— How to complete this task —
Leaving the pictures aside, transcribe every line below exactly.

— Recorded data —
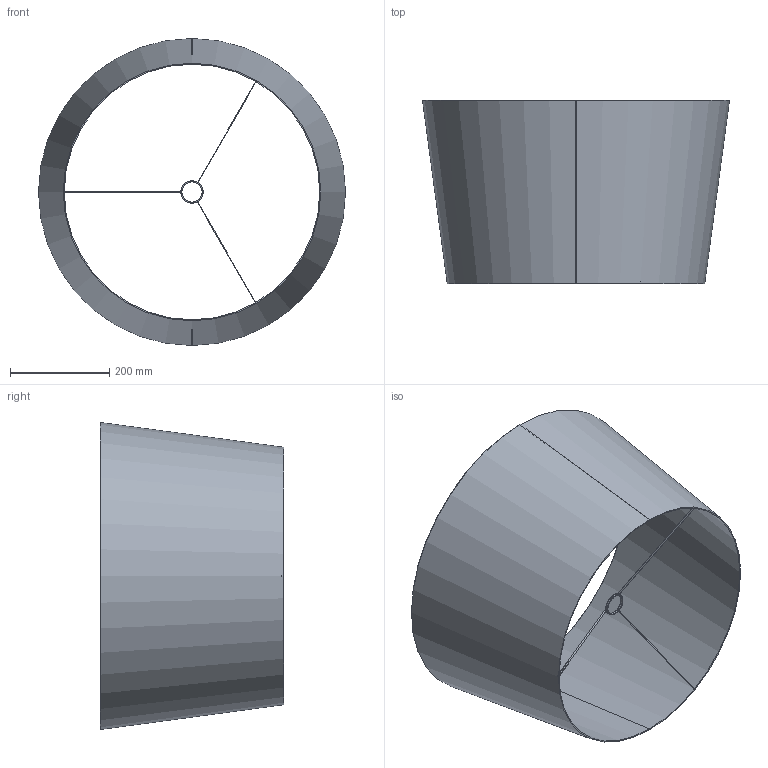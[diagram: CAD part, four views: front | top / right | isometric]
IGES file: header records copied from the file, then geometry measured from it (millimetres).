
Start section: SolidWorks IGES file using analytic representation for surfaces
Global section: file name: C:\Users\a.sempere\Desktop\PANTALLAS\A-PANTALLAS-TELA\5PANT0024B\5PANT0024B.IGS; native system: SolidWorks 2024; preprocessor: SolidWorks 2024; author: a.sempere; date: 250120.124536; units: millimetre
Bounding box: 620 x 370.27 x 620 mm (x, y, z)
Surface area: 1348533 mm2 (no closed solid volume)
Topology: 0 solids, 0 shells, 32 faces, 376 edges, 376 vertices
Faces by surface type: bspline 20, revolution 12
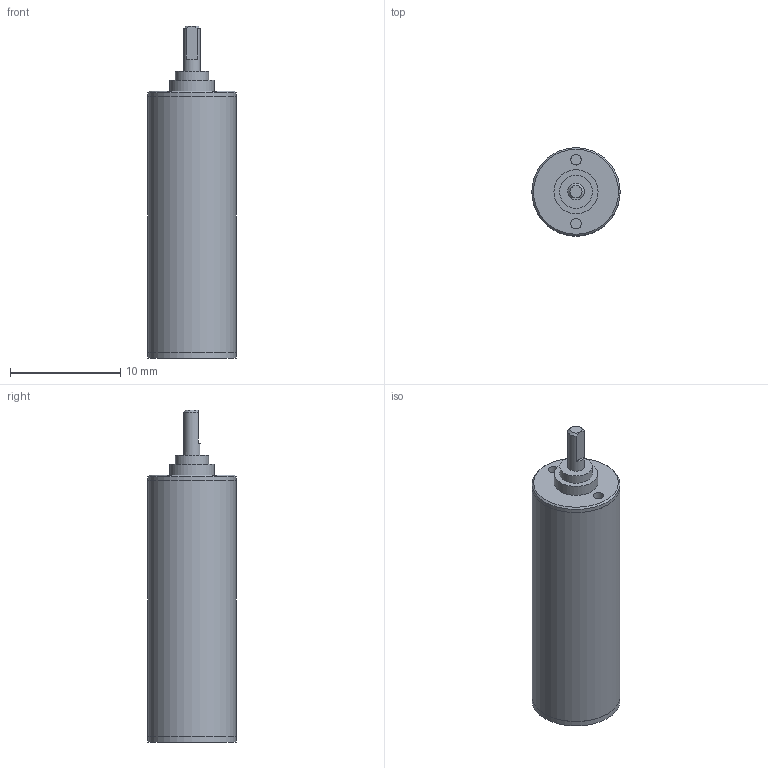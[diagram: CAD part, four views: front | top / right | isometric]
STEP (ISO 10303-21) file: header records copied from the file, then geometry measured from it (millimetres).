
FILE_DESCRIPTION(/* description */ (''),/* implementation_level */ '2;1');
FILE_NAME(/* name */ '08-2K_9.stp',/* time_stamp */ '2016-08-23T14:23:17+02:00',/* author */ ('DR. FRITZ FAULHABER GmbH & Co. KG'),/* organization */ ('DR. FRITZ FAULHABER GmbH & Co. KG'),/* preprocessor_version */ 'ST-DEVELOPER v16',/* originating_system */ 'SIEMENS PLM Software NX 10.0',/* authorisation */ '');
FILE_SCHEMA (('AUTOMOTIVE_DESIGN { 1 0 10303 214 3 1 1 1 }'));
Length unit declared in the file: millimetre
Products named in the file (1): H00000403_A
Bounding box: 8 x 8 x 30.1 mm (x, y, z)
Volume: 1170.3 mm3; surface area: 815.1 mm2
Topology: 1 solids, 1 shells, 33 faces, 56 edges, 37 vertices
Faces by surface type: plane 16, cylinder 14, cone 3
Full cylindrical faces by diameter (mm): 0.95 x2, 1.5 x1, 2.13 x1, 2.53 x1, 3 x1, 4 x1, 4.959 x1, 6 x1, 7.99 x2, 8 x3
Entity records: 709 total; most frequent: DIRECTION 133, CARTESIAN_POINT 115, ORIENTED_EDGE 72, AXIS2_PLACEMENT_3D 65, EDGE_LOOP 61, FACE_BOUND 54, EDGE_CURVE 36, ADVANCED_FACE 33

— Task output —
[diagram: CAD part, four views: front | top / right | isometric]
IGES file: header records copied from the file, then geometry measured from it (millimetres).
Start section: SolidWorks IGES file using analytic representation for surfaces
Global section: file name: C:\Users\a.sempere\Desktop\PANTALLAS\A-PANTALLAS-TELA\5PANT0024B\5PANT0024B.IGS; native system: SolidWorks 2024; preprocessor: SolidWorks 2024; author: a.sempere; date: 250120.124536; units: millimetre
Bounding box: 620 x 370.27 x 620 mm (x, y, z)
Surface area: 1348533 mm2 (no closed solid volume)
Topology: 0 solids, 0 shells, 32 faces, 376 edges, 376 vertices
Faces by surface type: bspline 20, revolution 12
[diagram: CAD part, four views: front | top / right | isometric]
STEP (ISO 10303-21) file: header records copied from the file, then geometry measured from it (millimetres).
FILE_DESCRIPTION(/* description */ (''),/* implementation_level */ '2;1');
FILE_NAME(/* name */ '08-2K_9.stp',/* time_stamp */ '2016-08-23T14:23:17+02:00',/* author */ ('DR. FRITZ FAULHABER GmbH & Co. KG'),/* organization */ ('DR. FRITZ FAULHABER GmbH & Co. KG'),/* preprocessor_version */ 'ST-DEVELOPER v16',/* originating_system */ 'SIEMENS PLM Software NX 10.0',/* authorisation */ '');
FILE_SCHEMA (('AUTOMOTIVE_DESIGN { 1 0 10303 214 3 1 1 1 }'));
Length unit declared in the file: millimetre
Products named in the file (1): H00000403_A
Bounding box: 8 x 8 x 30.1 mm (x, y, z)
Volume: 1170.3 mm3; surface area: 815.1 mm2
Topology: 1 solids, 1 shells, 33 faces, 56 edges, 37 vertices
Faces by surface type: plane 16, cylinder 14, cone 3
Full cylindrical faces by diameter (mm): 0.95 x2, 1.5 x1, 2.13 x1, 2.53 x1, 3 x1, 4 x1, 4.959 x1, 6 x1, 7.99 x2, 8 x3
Entity records: 709 total; most frequent: DIRECTION 133, CARTESIAN_POINT 115, ORIENTED_EDGE 72, AXIS2_PLACEMENT_3D 65, EDGE_LOOP 61, FACE_BOUND 54, EDGE_CURVE 36, ADVANCED_FACE 33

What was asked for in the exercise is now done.